◆ **Records from a data source**
■ ■ ■ ■
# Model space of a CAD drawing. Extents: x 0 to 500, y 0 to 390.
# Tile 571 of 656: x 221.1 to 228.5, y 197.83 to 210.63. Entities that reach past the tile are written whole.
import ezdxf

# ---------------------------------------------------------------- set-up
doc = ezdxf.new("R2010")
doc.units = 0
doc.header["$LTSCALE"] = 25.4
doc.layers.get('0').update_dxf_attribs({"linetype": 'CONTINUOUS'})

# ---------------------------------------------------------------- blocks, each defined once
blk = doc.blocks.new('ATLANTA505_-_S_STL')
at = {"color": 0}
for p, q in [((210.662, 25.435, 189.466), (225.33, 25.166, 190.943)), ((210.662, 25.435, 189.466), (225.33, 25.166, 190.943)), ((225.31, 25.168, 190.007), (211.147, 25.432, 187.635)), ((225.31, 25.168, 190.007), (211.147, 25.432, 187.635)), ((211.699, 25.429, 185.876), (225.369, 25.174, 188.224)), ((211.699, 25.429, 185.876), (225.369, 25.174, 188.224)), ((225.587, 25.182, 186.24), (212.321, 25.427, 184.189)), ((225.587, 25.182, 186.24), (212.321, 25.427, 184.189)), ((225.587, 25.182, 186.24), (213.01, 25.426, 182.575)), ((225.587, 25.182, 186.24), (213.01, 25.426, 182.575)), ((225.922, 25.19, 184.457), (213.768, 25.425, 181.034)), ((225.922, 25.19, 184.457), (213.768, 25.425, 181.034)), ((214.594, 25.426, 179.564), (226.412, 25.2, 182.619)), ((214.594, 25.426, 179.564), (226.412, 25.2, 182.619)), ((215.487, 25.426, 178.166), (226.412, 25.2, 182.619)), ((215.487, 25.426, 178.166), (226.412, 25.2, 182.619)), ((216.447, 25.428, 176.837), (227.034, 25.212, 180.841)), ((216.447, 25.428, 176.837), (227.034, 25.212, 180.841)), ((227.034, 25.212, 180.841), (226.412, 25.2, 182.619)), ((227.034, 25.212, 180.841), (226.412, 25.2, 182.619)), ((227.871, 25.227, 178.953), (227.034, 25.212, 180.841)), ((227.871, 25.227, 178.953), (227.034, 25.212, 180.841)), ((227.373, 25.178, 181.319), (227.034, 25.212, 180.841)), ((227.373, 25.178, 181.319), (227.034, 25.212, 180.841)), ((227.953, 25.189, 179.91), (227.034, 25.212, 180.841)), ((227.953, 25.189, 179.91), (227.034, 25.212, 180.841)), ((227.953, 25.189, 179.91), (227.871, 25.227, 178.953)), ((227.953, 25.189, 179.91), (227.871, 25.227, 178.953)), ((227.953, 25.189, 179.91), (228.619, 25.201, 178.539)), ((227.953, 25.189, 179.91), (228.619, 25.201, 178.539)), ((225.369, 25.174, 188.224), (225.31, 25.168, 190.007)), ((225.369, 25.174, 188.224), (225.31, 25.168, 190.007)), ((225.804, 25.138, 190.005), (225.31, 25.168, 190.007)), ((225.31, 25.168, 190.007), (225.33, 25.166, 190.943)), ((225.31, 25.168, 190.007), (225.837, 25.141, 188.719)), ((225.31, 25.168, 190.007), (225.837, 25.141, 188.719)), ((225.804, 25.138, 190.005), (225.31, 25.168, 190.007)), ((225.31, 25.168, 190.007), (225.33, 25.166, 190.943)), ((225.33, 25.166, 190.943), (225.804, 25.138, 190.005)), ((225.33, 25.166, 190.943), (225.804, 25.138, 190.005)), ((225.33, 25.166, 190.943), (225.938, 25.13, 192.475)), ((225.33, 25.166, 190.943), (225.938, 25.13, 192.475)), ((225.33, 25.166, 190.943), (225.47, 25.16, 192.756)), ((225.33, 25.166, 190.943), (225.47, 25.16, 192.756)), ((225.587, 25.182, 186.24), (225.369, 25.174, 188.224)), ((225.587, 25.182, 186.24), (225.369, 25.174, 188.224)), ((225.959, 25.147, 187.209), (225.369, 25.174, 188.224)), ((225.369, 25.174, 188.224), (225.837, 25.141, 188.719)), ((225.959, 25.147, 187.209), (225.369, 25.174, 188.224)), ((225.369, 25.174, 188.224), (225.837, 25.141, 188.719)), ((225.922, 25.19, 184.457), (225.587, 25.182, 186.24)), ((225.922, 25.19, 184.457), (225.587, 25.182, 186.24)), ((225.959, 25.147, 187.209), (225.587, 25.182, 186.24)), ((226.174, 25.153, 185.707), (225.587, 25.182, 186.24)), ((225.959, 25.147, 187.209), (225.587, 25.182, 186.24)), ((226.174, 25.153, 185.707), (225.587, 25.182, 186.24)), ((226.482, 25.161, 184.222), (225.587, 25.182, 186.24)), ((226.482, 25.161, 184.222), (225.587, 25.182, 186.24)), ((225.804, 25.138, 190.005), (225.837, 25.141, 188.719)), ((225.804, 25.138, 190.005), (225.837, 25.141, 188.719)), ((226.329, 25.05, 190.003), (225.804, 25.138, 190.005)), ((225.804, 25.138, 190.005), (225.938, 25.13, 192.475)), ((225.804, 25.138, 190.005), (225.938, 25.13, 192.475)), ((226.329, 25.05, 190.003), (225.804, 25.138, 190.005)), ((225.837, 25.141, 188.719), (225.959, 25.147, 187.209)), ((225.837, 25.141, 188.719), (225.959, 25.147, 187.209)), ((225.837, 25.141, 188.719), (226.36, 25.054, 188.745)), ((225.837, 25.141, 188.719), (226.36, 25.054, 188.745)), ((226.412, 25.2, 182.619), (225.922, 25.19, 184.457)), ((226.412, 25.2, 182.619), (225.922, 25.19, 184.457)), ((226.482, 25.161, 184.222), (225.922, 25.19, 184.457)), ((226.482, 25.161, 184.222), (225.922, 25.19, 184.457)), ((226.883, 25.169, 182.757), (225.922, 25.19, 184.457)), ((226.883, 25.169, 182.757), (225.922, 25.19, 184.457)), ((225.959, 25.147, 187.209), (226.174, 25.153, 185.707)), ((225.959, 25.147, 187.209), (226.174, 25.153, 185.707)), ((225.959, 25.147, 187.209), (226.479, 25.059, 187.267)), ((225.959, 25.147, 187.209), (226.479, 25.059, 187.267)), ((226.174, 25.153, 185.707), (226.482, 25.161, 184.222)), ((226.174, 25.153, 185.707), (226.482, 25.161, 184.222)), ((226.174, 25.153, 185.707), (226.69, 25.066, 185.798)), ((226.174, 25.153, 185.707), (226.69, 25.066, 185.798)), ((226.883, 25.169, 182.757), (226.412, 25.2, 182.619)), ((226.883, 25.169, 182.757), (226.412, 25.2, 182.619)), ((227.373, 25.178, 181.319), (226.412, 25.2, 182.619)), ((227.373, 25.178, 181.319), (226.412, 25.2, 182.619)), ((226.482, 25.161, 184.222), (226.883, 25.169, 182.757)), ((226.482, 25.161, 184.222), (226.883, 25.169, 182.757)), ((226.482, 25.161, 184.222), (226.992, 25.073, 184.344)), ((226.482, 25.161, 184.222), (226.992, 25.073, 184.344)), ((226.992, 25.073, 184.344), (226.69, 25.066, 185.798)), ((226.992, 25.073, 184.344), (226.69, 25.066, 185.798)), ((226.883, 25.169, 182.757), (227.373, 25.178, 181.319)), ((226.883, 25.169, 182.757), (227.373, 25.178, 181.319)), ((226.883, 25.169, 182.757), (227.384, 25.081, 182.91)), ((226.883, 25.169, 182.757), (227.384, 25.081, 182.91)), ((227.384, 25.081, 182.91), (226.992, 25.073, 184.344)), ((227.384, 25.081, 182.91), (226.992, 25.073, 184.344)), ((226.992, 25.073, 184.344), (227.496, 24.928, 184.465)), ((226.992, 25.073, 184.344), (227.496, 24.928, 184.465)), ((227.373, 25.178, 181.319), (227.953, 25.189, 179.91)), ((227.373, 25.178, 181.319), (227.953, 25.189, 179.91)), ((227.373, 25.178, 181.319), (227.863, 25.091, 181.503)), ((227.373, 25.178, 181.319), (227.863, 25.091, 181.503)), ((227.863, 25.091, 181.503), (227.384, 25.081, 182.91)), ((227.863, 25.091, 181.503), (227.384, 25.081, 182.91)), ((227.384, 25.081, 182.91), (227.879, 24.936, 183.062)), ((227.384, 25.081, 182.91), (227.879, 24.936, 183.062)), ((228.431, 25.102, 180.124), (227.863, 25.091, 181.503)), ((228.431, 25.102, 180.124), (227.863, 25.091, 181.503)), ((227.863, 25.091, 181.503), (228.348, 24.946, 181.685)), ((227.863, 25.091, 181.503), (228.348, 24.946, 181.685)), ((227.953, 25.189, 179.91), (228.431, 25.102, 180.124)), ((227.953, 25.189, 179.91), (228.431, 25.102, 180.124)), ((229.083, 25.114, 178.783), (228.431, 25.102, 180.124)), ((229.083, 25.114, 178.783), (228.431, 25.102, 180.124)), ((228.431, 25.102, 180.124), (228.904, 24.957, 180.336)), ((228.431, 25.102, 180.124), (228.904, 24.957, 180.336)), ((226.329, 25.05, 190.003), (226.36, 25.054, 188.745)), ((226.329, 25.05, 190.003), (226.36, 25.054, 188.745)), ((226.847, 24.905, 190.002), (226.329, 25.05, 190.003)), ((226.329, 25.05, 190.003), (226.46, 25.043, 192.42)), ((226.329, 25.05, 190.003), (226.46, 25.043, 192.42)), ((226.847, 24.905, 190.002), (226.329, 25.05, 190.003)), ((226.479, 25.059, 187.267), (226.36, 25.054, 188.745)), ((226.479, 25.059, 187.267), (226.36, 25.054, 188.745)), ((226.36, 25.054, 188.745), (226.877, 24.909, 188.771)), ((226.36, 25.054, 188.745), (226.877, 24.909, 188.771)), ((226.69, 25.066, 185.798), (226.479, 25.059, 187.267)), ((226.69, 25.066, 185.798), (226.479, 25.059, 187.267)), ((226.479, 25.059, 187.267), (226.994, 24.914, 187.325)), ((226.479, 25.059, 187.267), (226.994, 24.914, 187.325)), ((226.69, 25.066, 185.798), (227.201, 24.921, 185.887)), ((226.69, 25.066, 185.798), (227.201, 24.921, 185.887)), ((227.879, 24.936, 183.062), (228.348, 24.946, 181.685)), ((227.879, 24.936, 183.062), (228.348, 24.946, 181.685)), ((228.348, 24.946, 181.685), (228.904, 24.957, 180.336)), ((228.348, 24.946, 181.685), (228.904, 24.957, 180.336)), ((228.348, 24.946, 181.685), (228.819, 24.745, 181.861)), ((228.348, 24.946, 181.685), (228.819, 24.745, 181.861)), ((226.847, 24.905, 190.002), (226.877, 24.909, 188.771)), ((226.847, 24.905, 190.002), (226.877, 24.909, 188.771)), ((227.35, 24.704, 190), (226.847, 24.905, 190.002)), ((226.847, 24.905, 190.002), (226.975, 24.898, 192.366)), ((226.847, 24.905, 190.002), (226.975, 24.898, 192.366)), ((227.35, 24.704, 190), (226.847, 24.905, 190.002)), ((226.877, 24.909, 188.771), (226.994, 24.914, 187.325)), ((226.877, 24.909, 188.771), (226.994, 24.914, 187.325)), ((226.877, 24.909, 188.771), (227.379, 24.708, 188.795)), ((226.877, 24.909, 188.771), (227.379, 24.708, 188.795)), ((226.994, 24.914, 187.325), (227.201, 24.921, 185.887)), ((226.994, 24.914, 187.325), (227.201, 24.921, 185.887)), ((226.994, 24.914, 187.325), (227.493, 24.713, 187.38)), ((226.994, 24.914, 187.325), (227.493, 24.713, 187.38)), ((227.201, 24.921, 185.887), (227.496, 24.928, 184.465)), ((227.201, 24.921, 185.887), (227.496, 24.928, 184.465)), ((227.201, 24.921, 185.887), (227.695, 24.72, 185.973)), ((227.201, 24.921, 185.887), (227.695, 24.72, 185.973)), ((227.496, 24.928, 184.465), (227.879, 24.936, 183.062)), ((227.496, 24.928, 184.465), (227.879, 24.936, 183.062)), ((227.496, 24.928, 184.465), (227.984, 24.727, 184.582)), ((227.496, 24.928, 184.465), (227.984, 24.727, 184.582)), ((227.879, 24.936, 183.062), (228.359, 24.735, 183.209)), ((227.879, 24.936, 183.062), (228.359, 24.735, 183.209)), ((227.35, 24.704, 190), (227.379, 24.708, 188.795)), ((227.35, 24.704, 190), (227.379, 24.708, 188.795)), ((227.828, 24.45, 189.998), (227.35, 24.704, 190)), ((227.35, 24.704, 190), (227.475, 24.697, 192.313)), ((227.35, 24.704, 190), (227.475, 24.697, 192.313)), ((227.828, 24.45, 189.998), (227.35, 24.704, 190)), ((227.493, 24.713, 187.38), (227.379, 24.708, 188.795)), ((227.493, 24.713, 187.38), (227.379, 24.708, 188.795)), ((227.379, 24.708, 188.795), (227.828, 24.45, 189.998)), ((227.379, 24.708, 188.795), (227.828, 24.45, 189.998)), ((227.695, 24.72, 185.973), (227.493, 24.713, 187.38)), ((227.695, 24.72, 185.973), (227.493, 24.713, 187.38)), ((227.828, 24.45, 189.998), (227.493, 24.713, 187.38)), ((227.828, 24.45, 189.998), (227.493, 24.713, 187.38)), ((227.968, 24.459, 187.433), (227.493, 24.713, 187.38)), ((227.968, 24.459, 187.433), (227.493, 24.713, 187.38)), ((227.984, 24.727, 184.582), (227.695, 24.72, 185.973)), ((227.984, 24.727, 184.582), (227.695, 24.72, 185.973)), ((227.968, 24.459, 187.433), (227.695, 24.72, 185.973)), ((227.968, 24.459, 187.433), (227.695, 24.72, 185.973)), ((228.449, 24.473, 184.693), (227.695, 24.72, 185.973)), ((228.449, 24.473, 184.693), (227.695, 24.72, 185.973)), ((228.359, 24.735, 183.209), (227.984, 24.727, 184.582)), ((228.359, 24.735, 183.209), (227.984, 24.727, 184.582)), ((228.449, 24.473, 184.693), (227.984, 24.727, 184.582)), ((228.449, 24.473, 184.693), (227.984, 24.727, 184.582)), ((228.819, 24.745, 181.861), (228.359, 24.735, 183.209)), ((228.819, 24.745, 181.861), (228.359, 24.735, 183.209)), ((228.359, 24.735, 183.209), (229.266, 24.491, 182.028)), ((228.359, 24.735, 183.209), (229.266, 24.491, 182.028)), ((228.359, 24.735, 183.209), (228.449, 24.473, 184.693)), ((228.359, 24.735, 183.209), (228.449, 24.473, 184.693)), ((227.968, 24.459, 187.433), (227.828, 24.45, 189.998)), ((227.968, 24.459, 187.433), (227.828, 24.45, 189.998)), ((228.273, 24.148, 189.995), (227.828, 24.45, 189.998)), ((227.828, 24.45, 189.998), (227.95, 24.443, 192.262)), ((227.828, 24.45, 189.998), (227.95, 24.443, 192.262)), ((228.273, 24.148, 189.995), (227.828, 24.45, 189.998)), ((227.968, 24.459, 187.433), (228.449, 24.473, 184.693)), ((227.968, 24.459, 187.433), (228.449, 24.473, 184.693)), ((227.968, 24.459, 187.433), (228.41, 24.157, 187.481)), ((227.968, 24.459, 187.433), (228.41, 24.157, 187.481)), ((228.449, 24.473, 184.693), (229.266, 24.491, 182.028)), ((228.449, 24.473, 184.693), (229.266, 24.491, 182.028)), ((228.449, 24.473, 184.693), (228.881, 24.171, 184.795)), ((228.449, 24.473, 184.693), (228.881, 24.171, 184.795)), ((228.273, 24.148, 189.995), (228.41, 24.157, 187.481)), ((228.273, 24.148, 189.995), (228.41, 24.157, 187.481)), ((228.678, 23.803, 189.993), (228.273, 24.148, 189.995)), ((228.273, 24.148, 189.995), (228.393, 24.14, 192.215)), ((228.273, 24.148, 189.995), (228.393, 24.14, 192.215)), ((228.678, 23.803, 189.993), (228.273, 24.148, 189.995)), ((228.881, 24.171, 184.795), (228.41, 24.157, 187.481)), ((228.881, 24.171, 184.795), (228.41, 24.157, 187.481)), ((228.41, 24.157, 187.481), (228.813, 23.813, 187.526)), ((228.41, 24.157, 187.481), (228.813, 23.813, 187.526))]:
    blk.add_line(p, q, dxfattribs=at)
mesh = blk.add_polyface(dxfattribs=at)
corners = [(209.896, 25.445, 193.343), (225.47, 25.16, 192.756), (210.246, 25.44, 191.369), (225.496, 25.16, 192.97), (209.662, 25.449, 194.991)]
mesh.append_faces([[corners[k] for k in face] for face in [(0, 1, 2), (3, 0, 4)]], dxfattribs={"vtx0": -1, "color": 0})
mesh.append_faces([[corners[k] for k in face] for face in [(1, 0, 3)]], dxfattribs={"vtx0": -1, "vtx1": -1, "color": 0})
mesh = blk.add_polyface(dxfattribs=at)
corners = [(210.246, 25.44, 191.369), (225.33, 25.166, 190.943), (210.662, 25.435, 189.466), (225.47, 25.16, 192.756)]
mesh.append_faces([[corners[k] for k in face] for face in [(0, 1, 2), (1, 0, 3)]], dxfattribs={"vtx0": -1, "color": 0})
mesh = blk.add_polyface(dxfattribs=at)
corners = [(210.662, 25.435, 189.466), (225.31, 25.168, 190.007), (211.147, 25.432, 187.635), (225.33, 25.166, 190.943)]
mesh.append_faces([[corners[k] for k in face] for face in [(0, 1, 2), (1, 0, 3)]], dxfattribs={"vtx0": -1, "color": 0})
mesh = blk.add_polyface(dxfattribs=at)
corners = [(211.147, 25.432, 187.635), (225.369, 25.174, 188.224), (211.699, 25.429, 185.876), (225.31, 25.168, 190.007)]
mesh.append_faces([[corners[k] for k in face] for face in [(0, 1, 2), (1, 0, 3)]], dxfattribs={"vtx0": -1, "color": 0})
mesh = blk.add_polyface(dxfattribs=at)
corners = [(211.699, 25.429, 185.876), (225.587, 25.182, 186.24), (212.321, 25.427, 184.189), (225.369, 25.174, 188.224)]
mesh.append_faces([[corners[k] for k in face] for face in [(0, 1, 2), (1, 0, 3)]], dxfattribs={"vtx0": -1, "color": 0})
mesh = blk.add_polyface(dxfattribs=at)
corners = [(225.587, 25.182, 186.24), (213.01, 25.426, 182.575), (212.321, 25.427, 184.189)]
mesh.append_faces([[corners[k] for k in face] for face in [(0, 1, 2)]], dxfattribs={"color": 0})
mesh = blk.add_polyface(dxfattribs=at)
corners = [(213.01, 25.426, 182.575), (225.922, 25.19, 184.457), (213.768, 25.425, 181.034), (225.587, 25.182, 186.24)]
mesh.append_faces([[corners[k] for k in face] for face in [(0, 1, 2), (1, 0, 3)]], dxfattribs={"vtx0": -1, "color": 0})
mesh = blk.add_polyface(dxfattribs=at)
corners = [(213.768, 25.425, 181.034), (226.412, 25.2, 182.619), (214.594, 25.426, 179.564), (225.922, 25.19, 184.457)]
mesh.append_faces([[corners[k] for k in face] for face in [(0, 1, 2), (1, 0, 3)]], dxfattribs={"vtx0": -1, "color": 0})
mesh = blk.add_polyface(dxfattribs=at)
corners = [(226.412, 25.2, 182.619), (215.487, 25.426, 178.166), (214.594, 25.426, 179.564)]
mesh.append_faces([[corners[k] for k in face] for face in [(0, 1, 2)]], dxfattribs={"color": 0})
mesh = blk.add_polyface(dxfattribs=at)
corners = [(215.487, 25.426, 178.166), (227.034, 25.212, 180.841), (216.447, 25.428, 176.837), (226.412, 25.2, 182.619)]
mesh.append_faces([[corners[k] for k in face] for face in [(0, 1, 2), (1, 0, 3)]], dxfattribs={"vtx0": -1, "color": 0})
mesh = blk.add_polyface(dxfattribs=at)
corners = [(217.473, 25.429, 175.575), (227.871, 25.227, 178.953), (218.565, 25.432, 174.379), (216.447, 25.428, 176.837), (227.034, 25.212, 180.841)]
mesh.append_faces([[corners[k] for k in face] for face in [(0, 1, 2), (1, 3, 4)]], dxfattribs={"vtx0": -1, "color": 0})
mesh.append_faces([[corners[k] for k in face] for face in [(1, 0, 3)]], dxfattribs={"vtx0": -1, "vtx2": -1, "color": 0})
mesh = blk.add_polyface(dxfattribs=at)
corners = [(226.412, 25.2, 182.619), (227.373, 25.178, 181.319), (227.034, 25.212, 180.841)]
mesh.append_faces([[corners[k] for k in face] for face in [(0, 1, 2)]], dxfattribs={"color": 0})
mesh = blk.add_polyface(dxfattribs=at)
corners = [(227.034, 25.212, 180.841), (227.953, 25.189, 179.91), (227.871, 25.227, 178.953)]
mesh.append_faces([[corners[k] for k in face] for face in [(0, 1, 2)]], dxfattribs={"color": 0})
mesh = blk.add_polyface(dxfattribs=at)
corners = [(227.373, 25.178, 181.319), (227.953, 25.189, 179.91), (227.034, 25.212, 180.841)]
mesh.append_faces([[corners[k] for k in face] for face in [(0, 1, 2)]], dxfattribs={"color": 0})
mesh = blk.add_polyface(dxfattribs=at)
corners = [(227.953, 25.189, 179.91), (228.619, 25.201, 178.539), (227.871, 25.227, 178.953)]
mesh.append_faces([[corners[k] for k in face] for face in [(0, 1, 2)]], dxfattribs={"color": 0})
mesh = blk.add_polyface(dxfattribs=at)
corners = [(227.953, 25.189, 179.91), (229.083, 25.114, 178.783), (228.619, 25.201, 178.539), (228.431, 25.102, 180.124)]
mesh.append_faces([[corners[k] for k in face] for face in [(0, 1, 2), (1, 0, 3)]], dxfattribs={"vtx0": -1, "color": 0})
■ ■ ■ ■
In the entries above, find each line with "blocks" and copy it.

◆ **WRITTEN ANSWER**
# ---------------------------------------------------------------- blocks, each defined once
blk = doc.blocks.new('ATLANTA505_-_S_STL')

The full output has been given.